[Records drawn from a dataset]
== Segment start ==

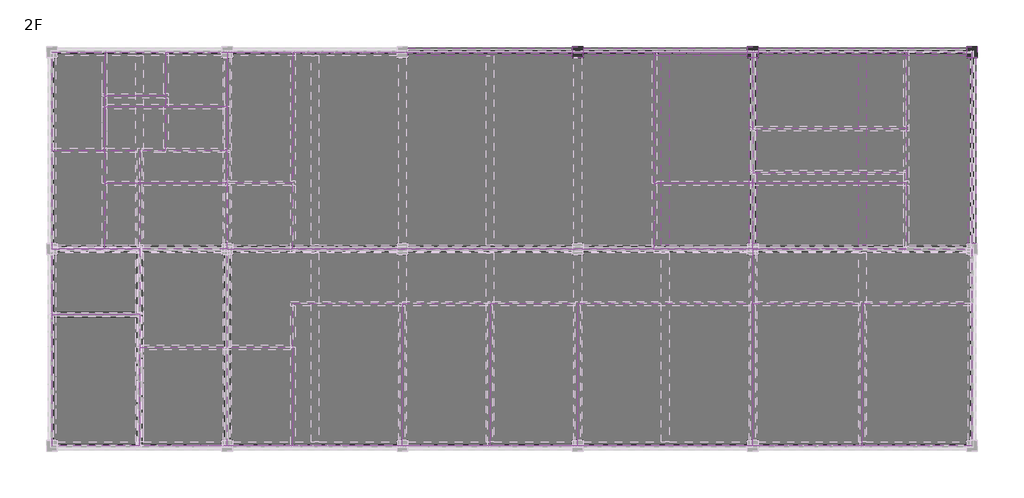
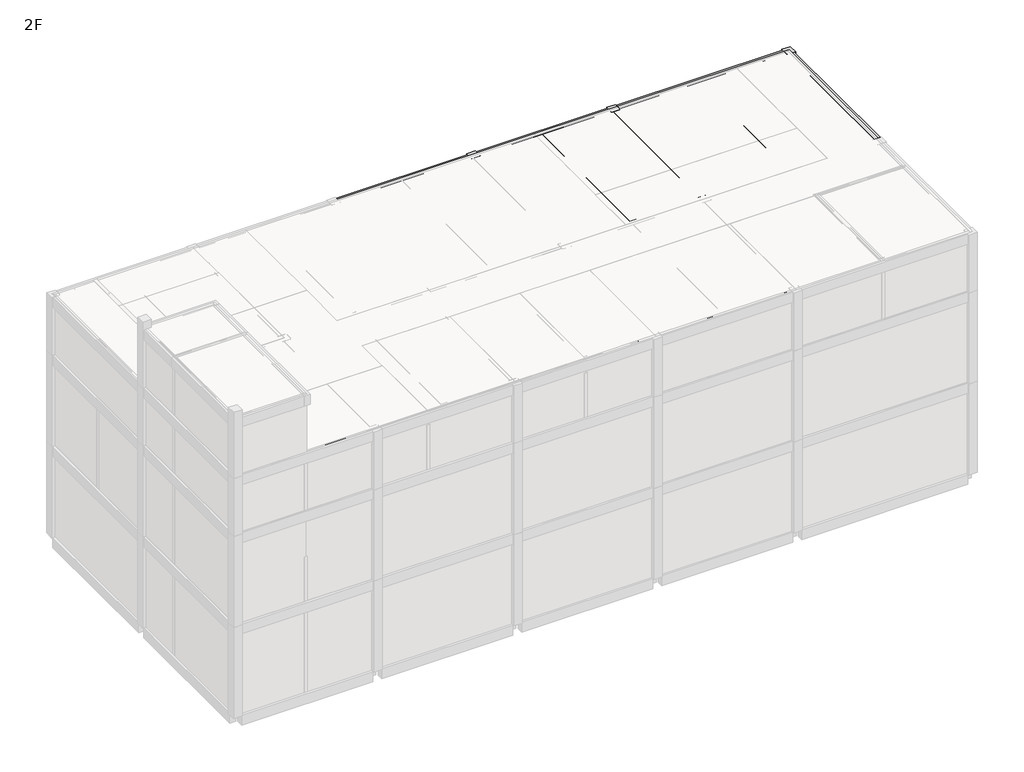
# One storey, part 7 of 7: 39 proxies, 28 beams, 9 columns.
"""IFC4 building model written with IfcOpenShell, lengths in millimetres."""

import ifcopenshell
import ifcopenshell.guid

model = None  # the IFC model being written
_history = None  # IfcOwnerHistory: only IFC2X3 demands one
_inside = {}  # id of a spatial element -> (the spatial element, [elements in it])
_under = {}  # id of a project, library or spatial element -> (it, [spatial elements below it])
_declared = {}  # id of a project -> (the project, [libraries it declares])
_typed = {}  # id of a type object -> (the type object, [elements of that type])
_made_of = {}  # id of a material, layer set ... -> (it, [elements and type objects made of it])


def new_model(schema):
    """Start an empty IFC model of exactly this schema.

    Asked for "IFC4X3", IfcOpenShell would pick the latest addendum, in which some entities
    have other attributes; the version numbers below select the first issue.
    IFC2X3 requires an IfcOwnerHistory on every rooted entity: one is made here for all.
    """
    global model, _history
    if schema == "IFC4X3":
        model = ifcopenshell.file(schema_version=(4, 3, 0, 0))
    else:
        model = ifcopenshell.file(schema=schema)
    _inside.clear()
    _under.clear()
    _declared.clear()
    _typed.clear()
    _made_of.clear()
    _history = None
    if model.schema == "IFC2X3":
        org = make("IfcOrganization", Name="unknown")
        user = make(
            "IfcPersonAndOrganization",
            ThePerson=make("IfcPerson", FamilyName="unknown"),
            TheOrganization=org,
        )
        app = make(
            "IfcApplication",
            ApplicationDeveloper=org,
            Version="unknown",
            ApplicationFullName="unknown",
            ApplicationIdentifier="unknown",
        )
        _history = make(
            "IfcOwnerHistory",
            OwningUser=user,
            OwningApplication=app,
            ChangeAction="ADDED",
            CreationDate=0,
        )
    return model


def make(cls, **values):
    """One entity of the class cls with the attributes given. An attribute that is None is left unset."""
    return model.create_entity(
        cls, **{name: value for name, value in values.items() if value is not None}
    )


def rooted(cls, **values):
    """An entity with a GlobalId (a new one), such as an element, a storey or a relation."""
    return make(cls, GlobalId=ifcopenshell.guid.new(), OwnerHistory=_history, **values)


def si_unit(unit_type, name, prefix=None):
    """IfcSIUnit, for example si_unit("LENGTHUNIT", "METRE", prefix="MILLI")."""
    return make("IfcSIUnit", UnitType=unit_type, Prefix=prefix, Name=name)


def assignment(units):
    """IfcUnitAssignment: the units of a project."""
    return None if units is None else make("IfcUnitAssignment", Units=units)


def point(xyz):
    """IfcCartesianPoint."""
    return None if xyz is None else make("IfcCartesianPoint", Coordinates=xyz)


def direction(xyz):
    """IfcDirection."""
    return None if xyz is None else make("IfcDirection", DirectionRatios=xyz)


def frame(location, z_axis=None, x_axis=None):
    """IfcAxis2Placement3D, a coordinate frame: its origin and axes. An axis left out is left unset."""
    return make(
        "IfcAxis2Placement3D",
        Location=point(location),
        Axis=direction(z_axis),
        RefDirection=direction(x_axis),
    )


def origin():
    """The frame at (0, 0, 0) with its axes left unset."""
    return frame((0.0, 0.0, 0.0))


def origin_with_axes():
    """The frame at (0, 0, 0) with the z axis (0, 0, 1) and the x axis (1, 0, 0) written out."""
    return frame((0.0, 0.0, 0.0), z_axis=(0.0, 0.0, 1.0), x_axis=(1.0, 0.0, 0.0))


def place(relative_to, where):
    """IfcLocalPlacement: puts the frame where relative to a parent placement (None: the world)."""
    return make(
        "IfcLocalPlacement", PlacementRelTo=relative_to, RelativePlacement=where
    )


def context(
    kind, dimensions, precision=None, world=None, true_north=None, identifier=None
):
    """IfcGeometricRepresentationContext, for example the 3D "Model" context."""
    return make(
        "IfcGeometricRepresentationContext",
        ContextIdentifier=identifier,
        ContextType=kind,
        CoordinateSpaceDimension=dimensions,
        Precision=precision,
        WorldCoordinateSystem=world,
        TrueNorth=true_north,
    )


def project(units=None, contexts=None):
    """IfcProject with its units and contexts."""
    return rooted(
        "IfcProject",
        Name="project",
        RepresentationContexts=contexts,
        UnitsInContext=assignment(units),
    )


def spatial(cls, under=None, at=None, **own):
    """A site, building, storey or space (cls), placed at a placement, below another one or the project."""
    s = rooted(cls, ObjectPlacement=at, **own)
    if under is not None:
        _under.setdefault(under.id(), (under, []))[1].append(s)
    return s


def polyline(points):
    """IfcPolyline through the points."""
    return make("IfcPolyline", Points=[point(p) for p in points])


def outline(outer, holes=None, kind="AREA"):
    """IfcArbitraryClosedProfileDef: a profile drawn as a closed curve; with holes, ...WithVoids."""
    if holes is None:
        return make("IfcArbitraryClosedProfileDef", ProfileType=kind, OuterCurve=outer)
    return make(
        "IfcArbitraryProfileDefWithVoids",
        ProfileType=kind,
        OuterCurve=outer,
        InnerCurves=holes,
    )


def extrude(swept, where, along, depth):
    """IfcExtrudedAreaSolid: the profile swept, set in the frame where, extruded along a direction by depth."""
    return make(
        "IfcExtrudedAreaSolid",
        SweptArea=swept,
        Position=where,
        ExtrudedDirection=direction(along),
        Depth=depth,
    )


def faces_of(points, faces, orient=None, outer=None):
    """IfcFace entities. A face is a list of loops; a loop is a list of indices into points, from 0.

    orient and outer hold one flag for each loop. By default every Orientation is true, the
    first loop of a face is its IfcFaceOuterBound and the others are IfcFaceBound.
    """
    made = []
    for i, loops in enumerate(faces):
        bounds = []
        for j, loop in enumerate(loops):
            is_outer = j == 0 if outer is None else outer[i][j]
            bounds.append(
                make(
                    "IfcFaceOuterBound" if is_outer else "IfcFaceBound",
                    Bound=make("IfcPolyLoop", Polygon=[points[k] for k in loop]),
                    Orientation=True if orient is None else orient[i][j],
                )
            )
        made.append(make("IfcFace", Bounds=bounds))
    return made


def faceted_brep(points, faces, orient=None, outer=None, voids=None):
    """IfcFacetedBrep: a solid bounded by flat faces; with voids (closed shells), ...WithVoids."""
    shared = [point(p) for p in points]
    hull = make("IfcClosedShell", CfsFaces=faces_of(shared, faces, orient, outer))
    if voids is None:
        return make("IfcFacetedBrep", Outer=hull)
    return make(
        "IfcFacetedBrepWithVoids",
        Outer=hull,
        Voids=[
            make(cls, CfsFaces=faces_of(shared, fs, o, b)) for cls, fs, o, b in voids
        ],
    )


def shape(context_of_items, identifier, shape_type, items):
    """IfcShapeRepresentation: the items that make up one representation, for example the "Body"."""
    return make(
        "IfcShapeRepresentation",
        ContextOfItems=context_of_items,
        RepresentationIdentifier=identifier,
        RepresentationType=shape_type,
        Items=items,
    )


def source(mapping_origin, context_of_items, identifier, shape_type, items):
    """IfcRepresentationMap: a shape defined once, which mapped items show again and again."""
    return make(
        "IfcRepresentationMap",
        MappingOrigin=mapping_origin,
        MappedRepresentation=shape(context_of_items, identifier, shape_type, items),
    )


def transform(
    local_origin,
    x_axis=None,
    y_axis=None,
    z_axis=None,
    scale=None,
    scale2=None,
    scale3=None,
    uniform=True,
):
    """IfcCartesianTransformationOperator3D, or its non-uniform kind. x_axis, y_axis, z_axis: its Axis1, 2, 3."""
    if uniform:
        return make(
            "IfcCartesianTransformationOperator3D",
            Axis1=direction(x_axis),
            Axis2=direction(y_axis),
            LocalOrigin=point(local_origin),
            Scale=scale,
            Axis3=direction(z_axis),
        )
    return make(
        "IfcCartesianTransformationOperator3DnonUniform",
        Axis1=direction(x_axis),
        Axis2=direction(y_axis),
        LocalOrigin=point(local_origin),
        Scale=scale,
        Axis3=direction(z_axis),
        Scale2=scale2,
        Scale3=scale3,
    )


def mapped(mapping_source, mapping_target):
    """IfcMappedItem: shows the shape of a source again, moved by a transform."""
    return make(
        "IfcMappedItem", MappingSource=mapping_source, MappingTarget=mapping_target
    )


def made_of(thing, what):
    """Note that an element or type object is made of a material, layer set ...; save() writes the relation."""
    if what is not None:
        _made_of.setdefault(what.id(), (what, []))[1].append(thing)
    return thing


def element(
    cls,
    number,
    at=None,
    inside=None,
    cuts=None,
    type_object=None,
    material=None,
    context=None,
    identifier="Body",
    shape_type=None,
    held_by="IfcProductDefinitionShape",
    body=None,
    shapes=None,
    **own,
):
    """One element of the class cls, such as IfcWall. Its Tag is "e" and its number.

    at: its placement. inside: the storey or other place that contains it. cuts: it is an
    opening in that element (IfcRelVoidsElement). A single representation is given by context,
    identifier, shape_type and body (its items); several are given by shapes. held_by: the class
    of the entity that holds the representations. save() writes the other relations.
    """
    e = rooted(cls, Tag="e%d" % number, ObjectPlacement=at, **own)
    if body is not None:
        shapes = [shape(context, identifier, shape_type, body)]
    if shapes is not None:
        e.Representation = make(held_by, Representations=shapes)
    if inside is not None:
        _inside.setdefault(inside.id(), (inside, []))[1].append(e)
    if cuts is not None:
        rooted(
            "IfcRelVoidsElement", RelatingBuildingElement=cuts, RelatedOpeningElement=e
        )
    if type_object is not None:
        _typed.setdefault(type_object.id(), (type_object, []))[1].append(e)
    return made_of(e, material)


def aggregate(whole, parts):
    """IfcRelAggregates: a whole, such as a stair, and the parts it consists of."""
    return rooted("IfcRelAggregates", RelatingObject=whole, RelatedObjects=parts)


def save(model, path):
    """Write the relations noted so far, then the file.

    IfcRelAggregates (storeys below a building ...), IfcRelContainedInSpatialStructure (elements
    in a storey), IfcRelDefinesByType, IfcRelAssociatesMaterial and IfcRelDeclares: one each for
    every whole, place, type object, material and project.
    """
    for whole, parts in _under.values():
        aggregate(whole, parts)
    for where, things in _inside.values():
        rooted(
            "IfcRelContainedInSpatialStructure",
            RelatedElements=things,
            RelatingStructure=where,
        )
    for kind, things in _typed.values():
        rooted("IfcRelDefinesByType", RelatedObjects=things, RelatingType=kind)
    for what, things in _made_of.values():
        rooted("IfcRelAssociatesMaterial", RelatedObjects=things, RelatingMaterial=what)
    for by, libraries in _declared.values():
        rooted("IfcRelDeclares", RelatingContext=by, RelatedDefinitions=libraries)
    model.write(path)


def generic_models_c89eb543(model_context):
    return source(origin(), model_context, "Body", "SweptSolid", [
        extrude(outline(polyline([(2000.0, 3000.0), (2000.0, -3000.0), (-2000.0, -3000.0), (-2000.0, 3000.0), (2000.0, 3000.0)])), origin_with_axes(), (0.0, 0.0, 1.0), 3500.0),
    ])


def generic_models_50f5a469(model_context):
    return source(origin(), model_context, "Body", "SweptSolid", [
        extrude(outline(polyline([(4500.0, 16000.0), (4500.0, -16000.0), (-4500.0, -16000.0), (-4500.0, 16000.0), (4500.0, 16000.0)])), origin_with_axes(), (0.0, 0.0, 1.0), 5500.0),
    ])


def generic_models_8b5775ea(model_context):
    return source(origin(), model_context, "Body", "SweptSolid", [
        extrude(outline(polyline([(4500.0, 17000.0), (4500.0, -17000.0), (-4500.0, -17000.0), (-4500.0, 17000.0), (4500.0, 17000.0)])), origin_with_axes(), (0.0, 0.0, 1.0), 5500.0),
    ])


def generic_models_2d265e4a(model_context):
    return source(origin(), model_context, "Body", "SweptSolid", [
        extrude(outline(polyline([(4500.0, 5000.0), (4500.0, -5000.0), (-4500.0, -5000.0), (-4500.0, 5000.0), (4500.0, 5000.0)])), origin_with_axes(), (0.0, 0.0, 1.0), 5500.0),
    ])


def generic_models_8934d72c(model_context):
    return source(origin(), model_context, "Body", "SweptSolid", [
        extrude(outline(polyline([(2000.0, 4500.0), (2000.0, -4500.0), (-2000.0, -4500.0), (-2000.0, 4500.0), (2000.0, 4500.0)])), origin_with_axes(), (0.0, 0.0, 1.0), 5500.0),
    ])


def generic_models_626d8198(model_context):
    return source(origin(), model_context, "Body", "SweptSolid", [
        extrude(outline(polyline([(2000.0, 1500.0), (2000.0, -1500.0), (-2000.0, -1500.0), (-2000.0, 1500.0), (2000.0, 1500.0)])), origin_with_axes(), (0.0, 0.0, 1.0), 5500.0),
    ])


def generic_models_cc1dae17(model_context):
    return source(origin(), model_context, "Body", "SweptSolid", [
        extrude(outline(polyline([(2000.0, 3000.0), (2000.0, -3000.0), (-2000.0, -3000.0), (-2000.0, 3000.0), (2000.0, 3000.0)])), origin_with_axes(), (0.0, 0.0, 1.0), 5500.0),
    ])


def generic_models_7ea3b148(model_context):
    return source(origin(), model_context, "Body", "SweptSolid", [
        extrude(outline(polyline([(4500.0, 12000.0), (4500.0, -12000.0), (-4500.0, -12000.0), (-4500.0, 12000.0), (4500.0, 12000.0)])), origin_with_axes(), (0.0, 0.0, 1.0), 5500.0),
    ])


def generic_models_85ff21bb(model_context):
    return source(origin(), model_context, "Body", "SweptSolid", [
        extrude(outline(polyline([(3500.0, 1750.0), (3500.0, -1750.0), (-3500.0, -1750.0), (-3500.0, 1750.0), (3500.0, 1750.0)])), origin_with_axes(), (0.0, 0.0, 1.0), 5500.0),
    ])


def generic_models_570012e4(model_context):
    return source(origin(), model_context, "Body", "SweptSolid", [
        extrude(outline(polyline([(1200.0, 2250.0), (1200.0, -2250.0), (-1200.0, -2250.0), (-1200.0, 2250.0), (1200.0, 2250.0)])), origin_with_axes(), (0.0, 0.0, 1.0), 5500.0),
    ])


def generic_models_971c0b89(model_context):
    return source(origin(), model_context, "Body", "SweptSolid", [
        extrude(outline(polyline([(2000.0, 2250.0), (2000.0, -2250.0), (-2000.0, -2250.0), (-2000.0, 2250.0), (2000.0, 2250.0)])), origin_with_axes(), (0.0, 0.0, 1.0), 5500.0),
    ])


def generic_models_ac48a1a3(model_context):
    return source(origin(), model_context, "Body", "SweptSolid", [
        extrude(outline(polyline([(1400.0, 2250.0), (1400.0, -2250.0), (-1400.0, -2250.0), (-1400.0, 2250.0), (1400.0, 2250.0)])), origin_with_axes(), (0.0, 0.0, 1.0), 5500.0),
    ])


def generic_models_ee32b0c6(model_context):
    return source(origin(), model_context, "Body", "SweptSolid", [
        extrude(outline(polyline([(1400.0, 1000.0), (1400.0, -1000.0), (-1400.0, -1000.0), (-1400.0, 1000.0), (1400.0, 1000.0)])), origin_with_axes(), (0.0, 0.0, 1.0), 5500.0),
    ])


def generic_models_0ee3397c(model_context):
    return source(origin(), model_context, "Body", "SweptSolid", [
        extrude(outline(polyline([(1400.0, 1250.0), (1400.0, -1250.0), (-1400.0, -1250.0), (-1400.0, 1250.0), (1400.0, 1250.0)])), origin_with_axes(), (0.0, 0.0, 1.0), 5500.0),
    ])


def generic_models_8c4134a9(model_context):
    return source(origin(), model_context, "Body", "SweptSolid", [
        extrude(outline(polyline([(3250.0, 2000.0), (3250.0, -2000.0), (-3250.0, -2000.0), (-3250.0, 2000.0), (3250.0, 2000.0)])), origin_with_axes(), (0.0, 0.0, 1.0), 3500.0),
    ])


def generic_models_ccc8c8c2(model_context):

== Segment end ==

[WORK ORDER] Your task is to repeat the opening line of the entries above and each line after it, ending with the line that has "model = None". Do not include the pictures.

[RESULT OF THE TASK]
# One storey, part 7 of 7: 39 proxies, 28 beams, 9 columns.
"""IFC4 building model written with IfcOpenShell, lengths in millimetres."""

import ifcopenshell
import ifcopenshell.guid

model = None  # the IFC model being written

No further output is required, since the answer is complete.